# Dual inputs to a servo driver board?



## Otaku (Dec 3, 2004)

I'm going to try to build a talking Mr. Thrifty this year. I plan to have it clothed in a half-rotted little girls dress, and loop a soundtrack that repeats something like "Will you come play with me?" in a sweet little girls voice while it sits near the edge of the graveyard. I'm going to try to use a second input to the servo board that is a loud scream. This second input would be triggered by a PIR that is very directional and only triggers when the TOT is really close to the "little girl". The scream would be louder than the voice track and so would wash out the spoken words and drive the servo to max position. I'm also thinking of having LED eyes light up for the duration of the scream. So, has anyone tried using dual inputs to a servo board, and what results did you get?
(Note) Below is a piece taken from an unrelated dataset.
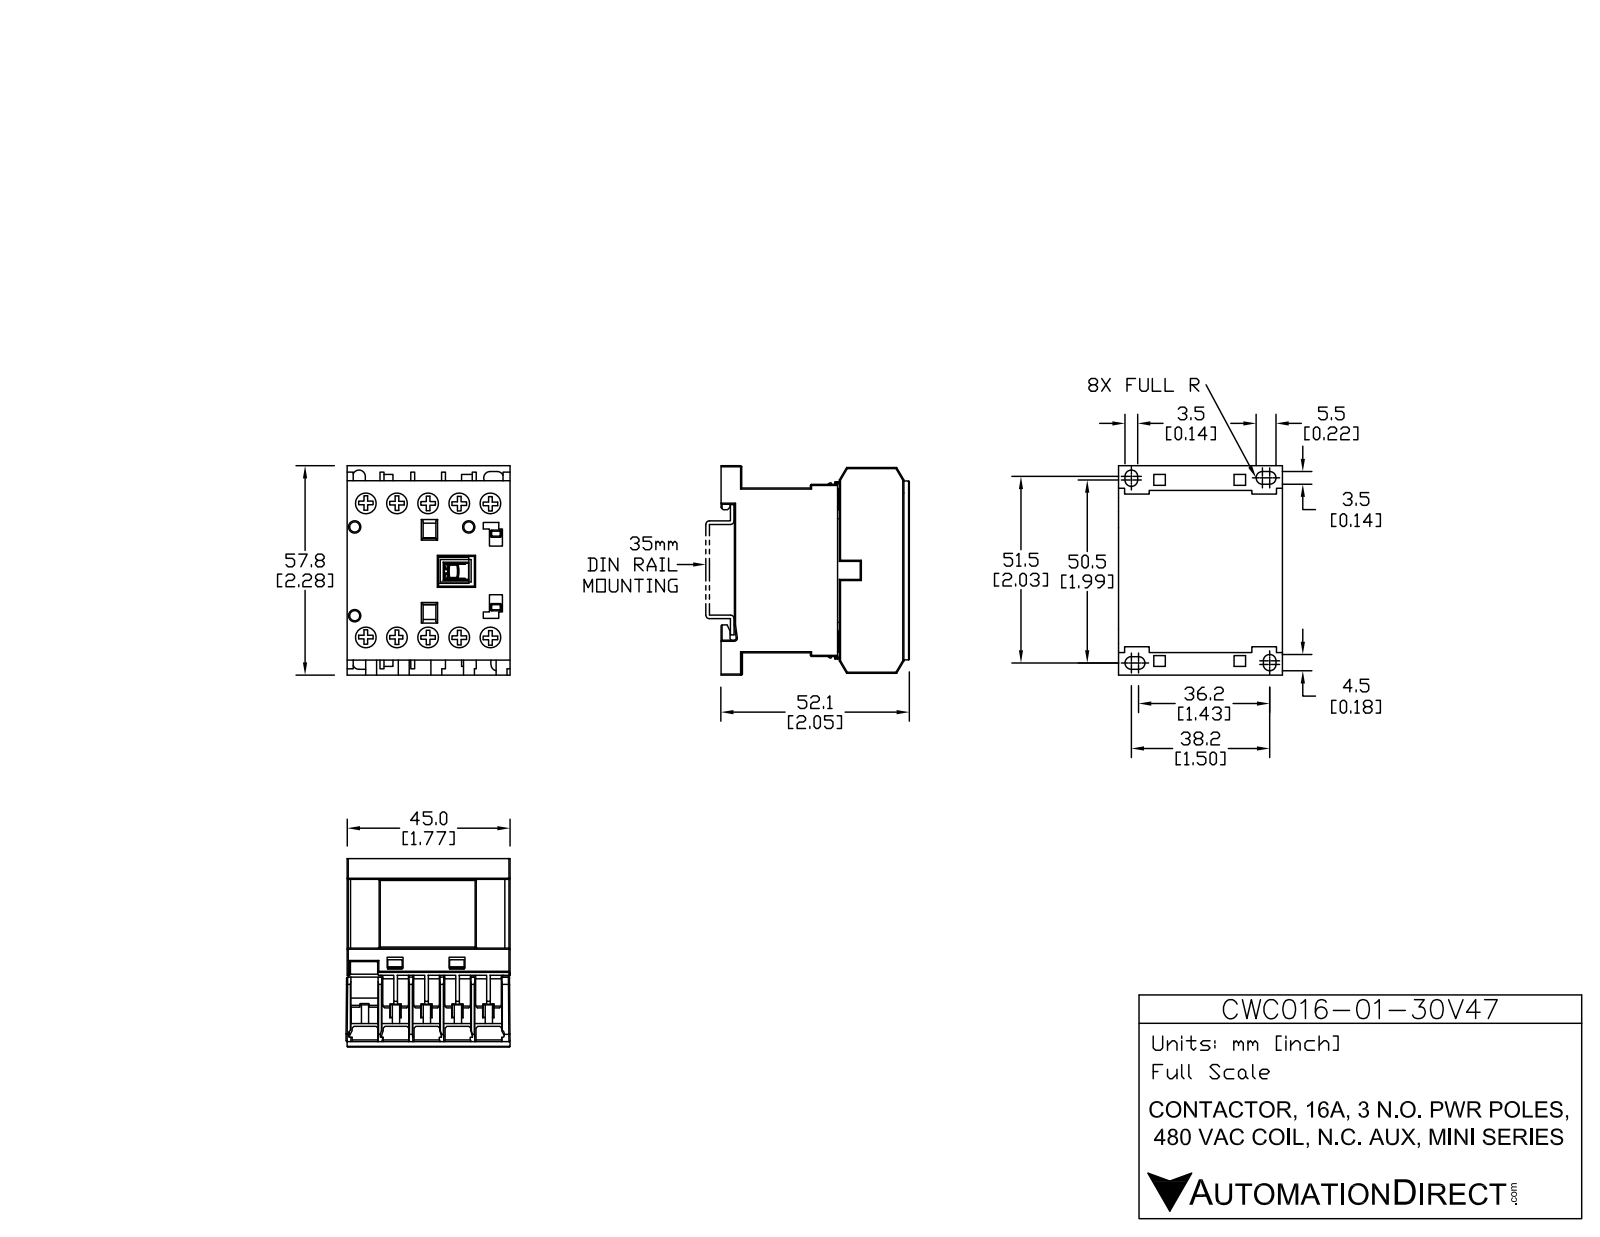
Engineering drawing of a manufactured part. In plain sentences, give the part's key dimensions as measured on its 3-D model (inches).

All advice is appreciated!


----------



## thedudedrummer (Jul 25, 2007)

I know very little about this subject... as I am just getting into animated skulls right now... but my suggestion would be to buy a cheap mixer board and combine the two imputs into one output... so that way the voice is heard... and by playing the secondary track it plays with it... by tweaking volume and levels on the mixer this should be easy... or just get a Y audio cable going from 2fem mono to 1male mono... and just tweak the levels on the player... I hope this answers your question... Mike


----------



## thedudedrummer (Jul 25, 2007)

oh... and an easy way to get the eyes to light up only when the servo maxes out for the scream is to place a pressure switch either mounted to the jaw or so that it makes contact with the servo control arm at max swing... this way it will not go off before the scream... leaving the subtle movements of come play with me to dark eyes... thats just the way I'd jimmyrig it... no offense to jimmy lol


----------



## Otaku (Dec 3, 2004)

It occurred to me this AM that I can use the PIR to switch a relay that allows the second soundtrack to go to the servo board. The same relay will also light the eyes. This is gonna be fun!


----------